[Data extracted from a collection]
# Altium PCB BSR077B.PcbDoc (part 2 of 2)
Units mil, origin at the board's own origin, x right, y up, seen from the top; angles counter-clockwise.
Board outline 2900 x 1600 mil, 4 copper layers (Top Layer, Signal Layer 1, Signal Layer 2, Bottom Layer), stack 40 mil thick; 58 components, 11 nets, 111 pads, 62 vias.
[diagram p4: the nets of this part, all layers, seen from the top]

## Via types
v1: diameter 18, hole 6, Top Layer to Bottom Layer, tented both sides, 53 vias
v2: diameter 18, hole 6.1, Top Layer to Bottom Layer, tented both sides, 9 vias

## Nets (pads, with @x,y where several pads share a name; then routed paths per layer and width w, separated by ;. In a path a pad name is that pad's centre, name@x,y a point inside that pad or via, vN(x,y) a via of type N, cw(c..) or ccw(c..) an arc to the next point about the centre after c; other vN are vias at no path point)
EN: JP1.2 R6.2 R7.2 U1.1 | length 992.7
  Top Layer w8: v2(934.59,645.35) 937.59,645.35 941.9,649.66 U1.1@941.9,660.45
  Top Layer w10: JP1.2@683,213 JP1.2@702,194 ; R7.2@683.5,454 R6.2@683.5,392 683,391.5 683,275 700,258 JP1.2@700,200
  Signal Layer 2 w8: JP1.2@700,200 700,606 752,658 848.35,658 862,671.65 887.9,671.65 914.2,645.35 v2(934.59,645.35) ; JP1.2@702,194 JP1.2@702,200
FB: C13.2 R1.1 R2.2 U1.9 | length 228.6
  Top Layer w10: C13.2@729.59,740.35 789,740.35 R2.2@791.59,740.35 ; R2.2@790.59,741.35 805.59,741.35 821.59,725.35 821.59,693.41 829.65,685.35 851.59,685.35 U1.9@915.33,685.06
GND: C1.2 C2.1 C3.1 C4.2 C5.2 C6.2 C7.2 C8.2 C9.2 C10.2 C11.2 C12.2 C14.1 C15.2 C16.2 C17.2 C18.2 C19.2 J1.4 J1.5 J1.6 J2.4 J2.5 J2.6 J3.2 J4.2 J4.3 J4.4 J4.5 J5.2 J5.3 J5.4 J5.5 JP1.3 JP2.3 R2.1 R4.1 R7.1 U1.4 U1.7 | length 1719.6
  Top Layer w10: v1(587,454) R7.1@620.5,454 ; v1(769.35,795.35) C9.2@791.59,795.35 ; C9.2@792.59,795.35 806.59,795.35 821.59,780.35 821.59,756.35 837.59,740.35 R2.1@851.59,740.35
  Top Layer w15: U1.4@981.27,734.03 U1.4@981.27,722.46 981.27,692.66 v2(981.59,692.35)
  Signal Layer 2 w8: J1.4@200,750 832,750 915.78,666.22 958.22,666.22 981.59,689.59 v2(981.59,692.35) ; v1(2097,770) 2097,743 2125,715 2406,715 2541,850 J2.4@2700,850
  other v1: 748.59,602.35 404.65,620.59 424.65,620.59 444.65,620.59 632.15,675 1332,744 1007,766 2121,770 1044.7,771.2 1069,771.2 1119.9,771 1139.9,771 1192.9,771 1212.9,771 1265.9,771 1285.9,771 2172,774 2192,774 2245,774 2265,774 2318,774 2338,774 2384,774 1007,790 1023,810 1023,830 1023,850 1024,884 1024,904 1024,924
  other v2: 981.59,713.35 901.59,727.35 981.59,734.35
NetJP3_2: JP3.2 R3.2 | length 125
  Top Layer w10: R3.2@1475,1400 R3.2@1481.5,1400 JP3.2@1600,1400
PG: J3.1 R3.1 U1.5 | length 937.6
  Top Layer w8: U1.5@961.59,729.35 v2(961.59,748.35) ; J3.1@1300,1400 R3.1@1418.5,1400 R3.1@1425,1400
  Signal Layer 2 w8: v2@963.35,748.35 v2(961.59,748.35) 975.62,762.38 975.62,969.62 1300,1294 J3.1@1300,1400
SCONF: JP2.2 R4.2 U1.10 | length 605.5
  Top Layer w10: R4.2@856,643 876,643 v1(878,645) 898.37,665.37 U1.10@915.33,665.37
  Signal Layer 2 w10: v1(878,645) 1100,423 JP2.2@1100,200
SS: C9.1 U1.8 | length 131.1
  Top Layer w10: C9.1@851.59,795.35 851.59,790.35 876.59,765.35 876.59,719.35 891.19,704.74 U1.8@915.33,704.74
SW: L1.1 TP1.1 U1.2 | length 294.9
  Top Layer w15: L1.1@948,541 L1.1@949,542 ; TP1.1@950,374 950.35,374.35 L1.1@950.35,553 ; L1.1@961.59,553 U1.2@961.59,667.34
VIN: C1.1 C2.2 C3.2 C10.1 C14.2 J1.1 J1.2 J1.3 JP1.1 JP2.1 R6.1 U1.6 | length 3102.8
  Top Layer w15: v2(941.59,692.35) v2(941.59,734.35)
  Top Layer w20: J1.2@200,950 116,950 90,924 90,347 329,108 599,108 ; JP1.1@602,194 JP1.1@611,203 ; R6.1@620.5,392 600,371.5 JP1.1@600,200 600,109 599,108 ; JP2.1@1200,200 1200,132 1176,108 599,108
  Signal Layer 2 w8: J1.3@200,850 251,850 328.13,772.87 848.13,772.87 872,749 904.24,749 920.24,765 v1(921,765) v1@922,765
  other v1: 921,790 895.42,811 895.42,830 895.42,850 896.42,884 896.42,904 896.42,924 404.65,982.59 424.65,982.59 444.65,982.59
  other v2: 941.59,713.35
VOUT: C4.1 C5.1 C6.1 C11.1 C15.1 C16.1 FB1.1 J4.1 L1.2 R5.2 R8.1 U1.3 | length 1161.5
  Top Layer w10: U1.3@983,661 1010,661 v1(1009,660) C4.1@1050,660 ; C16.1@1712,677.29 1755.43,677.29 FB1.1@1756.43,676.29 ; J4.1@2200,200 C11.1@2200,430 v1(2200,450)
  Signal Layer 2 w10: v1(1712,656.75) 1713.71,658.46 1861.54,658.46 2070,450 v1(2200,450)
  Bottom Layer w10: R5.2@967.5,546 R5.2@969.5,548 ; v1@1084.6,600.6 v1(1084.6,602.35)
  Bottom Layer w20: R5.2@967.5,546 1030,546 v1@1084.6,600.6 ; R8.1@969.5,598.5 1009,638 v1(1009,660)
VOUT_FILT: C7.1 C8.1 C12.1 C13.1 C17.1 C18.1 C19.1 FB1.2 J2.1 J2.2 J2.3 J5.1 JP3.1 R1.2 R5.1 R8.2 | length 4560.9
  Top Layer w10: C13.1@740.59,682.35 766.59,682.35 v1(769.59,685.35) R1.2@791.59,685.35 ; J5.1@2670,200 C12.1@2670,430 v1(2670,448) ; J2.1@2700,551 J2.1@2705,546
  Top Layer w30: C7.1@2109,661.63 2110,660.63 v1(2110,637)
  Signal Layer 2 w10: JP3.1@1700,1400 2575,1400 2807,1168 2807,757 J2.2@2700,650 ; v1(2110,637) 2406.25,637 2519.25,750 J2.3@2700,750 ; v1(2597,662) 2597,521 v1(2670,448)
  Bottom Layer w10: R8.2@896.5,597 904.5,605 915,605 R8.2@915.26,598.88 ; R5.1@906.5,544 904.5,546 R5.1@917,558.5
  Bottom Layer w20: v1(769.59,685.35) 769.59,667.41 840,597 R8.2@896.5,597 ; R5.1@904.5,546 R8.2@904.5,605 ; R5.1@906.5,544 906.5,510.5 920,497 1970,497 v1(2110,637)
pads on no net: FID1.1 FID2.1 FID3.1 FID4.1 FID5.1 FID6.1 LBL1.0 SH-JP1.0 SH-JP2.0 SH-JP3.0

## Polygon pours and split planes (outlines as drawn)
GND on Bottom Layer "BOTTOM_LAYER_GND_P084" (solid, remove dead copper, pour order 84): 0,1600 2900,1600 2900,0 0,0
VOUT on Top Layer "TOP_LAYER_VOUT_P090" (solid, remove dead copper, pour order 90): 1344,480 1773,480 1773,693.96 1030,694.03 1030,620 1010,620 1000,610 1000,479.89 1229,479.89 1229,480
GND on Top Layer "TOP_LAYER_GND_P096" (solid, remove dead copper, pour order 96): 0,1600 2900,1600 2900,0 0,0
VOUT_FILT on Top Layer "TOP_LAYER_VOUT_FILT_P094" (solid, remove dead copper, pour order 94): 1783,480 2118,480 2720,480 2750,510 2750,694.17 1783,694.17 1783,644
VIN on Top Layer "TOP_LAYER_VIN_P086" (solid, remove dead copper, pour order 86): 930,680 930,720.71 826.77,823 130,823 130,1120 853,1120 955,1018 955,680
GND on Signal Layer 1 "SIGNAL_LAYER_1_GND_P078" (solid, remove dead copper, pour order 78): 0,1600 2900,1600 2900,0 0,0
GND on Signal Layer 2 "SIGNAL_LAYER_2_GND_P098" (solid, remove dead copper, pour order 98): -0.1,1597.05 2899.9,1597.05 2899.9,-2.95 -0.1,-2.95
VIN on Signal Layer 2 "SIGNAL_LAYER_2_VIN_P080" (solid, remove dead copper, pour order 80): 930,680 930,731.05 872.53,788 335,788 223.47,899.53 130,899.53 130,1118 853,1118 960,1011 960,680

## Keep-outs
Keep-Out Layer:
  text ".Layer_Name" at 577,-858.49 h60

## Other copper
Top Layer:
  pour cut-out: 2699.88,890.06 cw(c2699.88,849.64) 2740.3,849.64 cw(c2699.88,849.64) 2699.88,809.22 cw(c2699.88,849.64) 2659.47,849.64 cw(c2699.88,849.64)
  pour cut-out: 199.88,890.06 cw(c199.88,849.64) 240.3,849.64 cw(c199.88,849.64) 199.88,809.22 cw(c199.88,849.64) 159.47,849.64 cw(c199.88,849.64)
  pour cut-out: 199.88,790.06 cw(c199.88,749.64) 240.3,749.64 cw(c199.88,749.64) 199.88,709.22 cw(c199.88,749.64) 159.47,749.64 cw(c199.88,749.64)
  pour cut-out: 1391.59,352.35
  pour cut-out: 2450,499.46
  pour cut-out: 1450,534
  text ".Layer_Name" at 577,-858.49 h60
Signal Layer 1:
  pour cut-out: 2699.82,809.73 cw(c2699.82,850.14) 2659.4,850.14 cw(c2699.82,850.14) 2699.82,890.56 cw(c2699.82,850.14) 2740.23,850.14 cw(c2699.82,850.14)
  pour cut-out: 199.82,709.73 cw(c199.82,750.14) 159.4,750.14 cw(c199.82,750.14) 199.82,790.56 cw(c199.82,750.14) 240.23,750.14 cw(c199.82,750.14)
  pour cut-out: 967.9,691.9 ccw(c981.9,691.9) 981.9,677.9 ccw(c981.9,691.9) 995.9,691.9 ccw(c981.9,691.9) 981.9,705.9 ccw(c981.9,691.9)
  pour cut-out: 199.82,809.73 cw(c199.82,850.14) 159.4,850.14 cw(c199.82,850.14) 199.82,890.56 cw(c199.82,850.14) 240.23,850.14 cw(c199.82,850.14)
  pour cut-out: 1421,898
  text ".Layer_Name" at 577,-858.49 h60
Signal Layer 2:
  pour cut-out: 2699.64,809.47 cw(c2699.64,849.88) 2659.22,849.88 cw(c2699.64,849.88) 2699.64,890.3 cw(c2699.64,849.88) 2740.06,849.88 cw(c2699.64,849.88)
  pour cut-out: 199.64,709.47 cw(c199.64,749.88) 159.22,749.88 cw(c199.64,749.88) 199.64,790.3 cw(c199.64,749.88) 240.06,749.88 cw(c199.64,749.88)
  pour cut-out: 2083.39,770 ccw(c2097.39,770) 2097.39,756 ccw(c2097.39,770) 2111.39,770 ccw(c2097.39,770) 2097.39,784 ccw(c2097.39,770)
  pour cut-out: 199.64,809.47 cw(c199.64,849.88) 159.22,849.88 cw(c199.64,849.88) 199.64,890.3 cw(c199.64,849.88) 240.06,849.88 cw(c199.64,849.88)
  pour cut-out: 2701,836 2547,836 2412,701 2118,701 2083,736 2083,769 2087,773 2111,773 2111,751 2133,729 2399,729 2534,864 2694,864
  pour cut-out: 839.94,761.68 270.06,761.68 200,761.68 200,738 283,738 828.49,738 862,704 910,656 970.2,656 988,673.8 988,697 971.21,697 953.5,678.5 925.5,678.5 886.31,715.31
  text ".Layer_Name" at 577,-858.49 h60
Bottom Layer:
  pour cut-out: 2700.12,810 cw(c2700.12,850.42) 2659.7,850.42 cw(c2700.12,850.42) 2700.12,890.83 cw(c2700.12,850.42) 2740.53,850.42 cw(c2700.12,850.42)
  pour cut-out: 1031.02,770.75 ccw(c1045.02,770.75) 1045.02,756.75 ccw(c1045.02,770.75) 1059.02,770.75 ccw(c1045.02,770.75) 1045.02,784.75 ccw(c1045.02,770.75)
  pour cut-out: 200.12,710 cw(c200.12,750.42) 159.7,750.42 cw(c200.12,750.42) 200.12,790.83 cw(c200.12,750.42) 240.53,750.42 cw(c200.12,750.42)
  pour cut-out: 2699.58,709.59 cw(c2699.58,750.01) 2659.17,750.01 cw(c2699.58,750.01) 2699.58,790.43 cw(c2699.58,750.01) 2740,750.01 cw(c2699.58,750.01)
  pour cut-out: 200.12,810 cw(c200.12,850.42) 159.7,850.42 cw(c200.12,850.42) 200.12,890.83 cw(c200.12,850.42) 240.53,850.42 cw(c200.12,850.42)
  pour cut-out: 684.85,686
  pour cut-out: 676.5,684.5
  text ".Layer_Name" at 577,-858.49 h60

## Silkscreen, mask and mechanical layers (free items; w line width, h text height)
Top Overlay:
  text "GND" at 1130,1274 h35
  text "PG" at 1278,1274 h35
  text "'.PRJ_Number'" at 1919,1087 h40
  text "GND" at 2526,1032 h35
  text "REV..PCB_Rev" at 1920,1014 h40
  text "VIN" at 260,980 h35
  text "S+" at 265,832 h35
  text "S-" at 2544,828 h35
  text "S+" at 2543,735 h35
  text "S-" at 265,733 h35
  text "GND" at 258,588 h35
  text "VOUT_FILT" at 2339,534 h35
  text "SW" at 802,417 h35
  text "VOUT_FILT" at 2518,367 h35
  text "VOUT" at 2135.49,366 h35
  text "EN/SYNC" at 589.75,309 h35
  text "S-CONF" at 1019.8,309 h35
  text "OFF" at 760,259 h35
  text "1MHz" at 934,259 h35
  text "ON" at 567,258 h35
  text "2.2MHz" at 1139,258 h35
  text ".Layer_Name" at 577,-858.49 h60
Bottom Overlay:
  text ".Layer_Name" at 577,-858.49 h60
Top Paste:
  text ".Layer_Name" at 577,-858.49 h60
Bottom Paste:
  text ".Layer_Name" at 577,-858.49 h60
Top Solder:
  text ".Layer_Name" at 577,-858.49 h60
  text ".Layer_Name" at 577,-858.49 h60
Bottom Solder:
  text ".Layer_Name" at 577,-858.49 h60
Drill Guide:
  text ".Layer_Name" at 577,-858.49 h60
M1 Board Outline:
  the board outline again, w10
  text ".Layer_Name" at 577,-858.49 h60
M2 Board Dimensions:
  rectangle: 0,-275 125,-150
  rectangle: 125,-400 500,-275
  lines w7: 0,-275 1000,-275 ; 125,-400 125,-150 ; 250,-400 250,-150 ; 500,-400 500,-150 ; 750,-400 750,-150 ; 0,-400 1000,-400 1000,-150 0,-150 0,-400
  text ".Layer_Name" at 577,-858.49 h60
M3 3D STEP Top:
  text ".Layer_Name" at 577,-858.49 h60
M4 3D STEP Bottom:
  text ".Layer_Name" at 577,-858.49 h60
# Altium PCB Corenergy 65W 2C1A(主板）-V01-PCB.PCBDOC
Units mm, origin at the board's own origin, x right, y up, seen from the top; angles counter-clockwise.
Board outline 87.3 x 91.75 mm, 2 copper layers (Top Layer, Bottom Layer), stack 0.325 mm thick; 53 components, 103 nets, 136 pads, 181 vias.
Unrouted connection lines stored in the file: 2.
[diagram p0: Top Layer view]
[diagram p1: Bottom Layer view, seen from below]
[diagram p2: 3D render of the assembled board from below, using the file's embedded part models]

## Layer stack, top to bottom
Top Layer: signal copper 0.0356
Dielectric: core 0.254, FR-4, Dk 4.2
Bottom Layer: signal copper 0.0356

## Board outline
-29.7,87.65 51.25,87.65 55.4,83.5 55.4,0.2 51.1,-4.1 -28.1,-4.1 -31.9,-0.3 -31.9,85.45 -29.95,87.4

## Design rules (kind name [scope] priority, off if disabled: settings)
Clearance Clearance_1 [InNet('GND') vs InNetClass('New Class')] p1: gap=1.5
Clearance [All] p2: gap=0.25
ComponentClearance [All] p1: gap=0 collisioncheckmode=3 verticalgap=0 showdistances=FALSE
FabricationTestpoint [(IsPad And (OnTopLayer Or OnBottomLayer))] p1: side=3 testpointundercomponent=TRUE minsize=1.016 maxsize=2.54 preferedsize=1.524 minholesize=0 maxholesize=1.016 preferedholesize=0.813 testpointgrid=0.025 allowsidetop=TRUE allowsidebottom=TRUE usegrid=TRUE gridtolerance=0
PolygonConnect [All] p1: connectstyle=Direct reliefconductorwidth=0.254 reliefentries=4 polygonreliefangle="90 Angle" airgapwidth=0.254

■ Assigned task: In the records above, the line with "pour cut-out: 2450,499.46" marks the start and the line with "pour cut-out: 967.9,691.9" marks the end; copy that stretch exactly, both lines included, and nothing else.

■ Output:
  pour cut-out: 2450,499.46
  pour cut-out: 1450,534
  text ".Layer_Name" at 577,-858.49 h60
Signal Layer 1:
  pour cut-out: 2699.82,809.73 cw(c2699.82,850.14) 2659.4,850.14 cw(c2699.82,850.14) 2699.82,890.56 cw(c2699.82,850.14) 2740.23,850.14 cw(c2699.82,850.14)
  pour cut-out: 199.82,709.73 cw(c199.82,750.14) 159.4,750.14 cw(c199.82,750.14) 199.82,790.56 cw(c199.82,750.14) 240.23,750.14 cw(c199.82,750.14)
  pour cut-out: 967.9,691.9 ccw(c981.9,691.9) 981.9,677.9 ccw(c981.9,691.9) 995.9,691.9 ccw(c981.9,691.9) 981.9,705.9 ccw(c981.9,691.9)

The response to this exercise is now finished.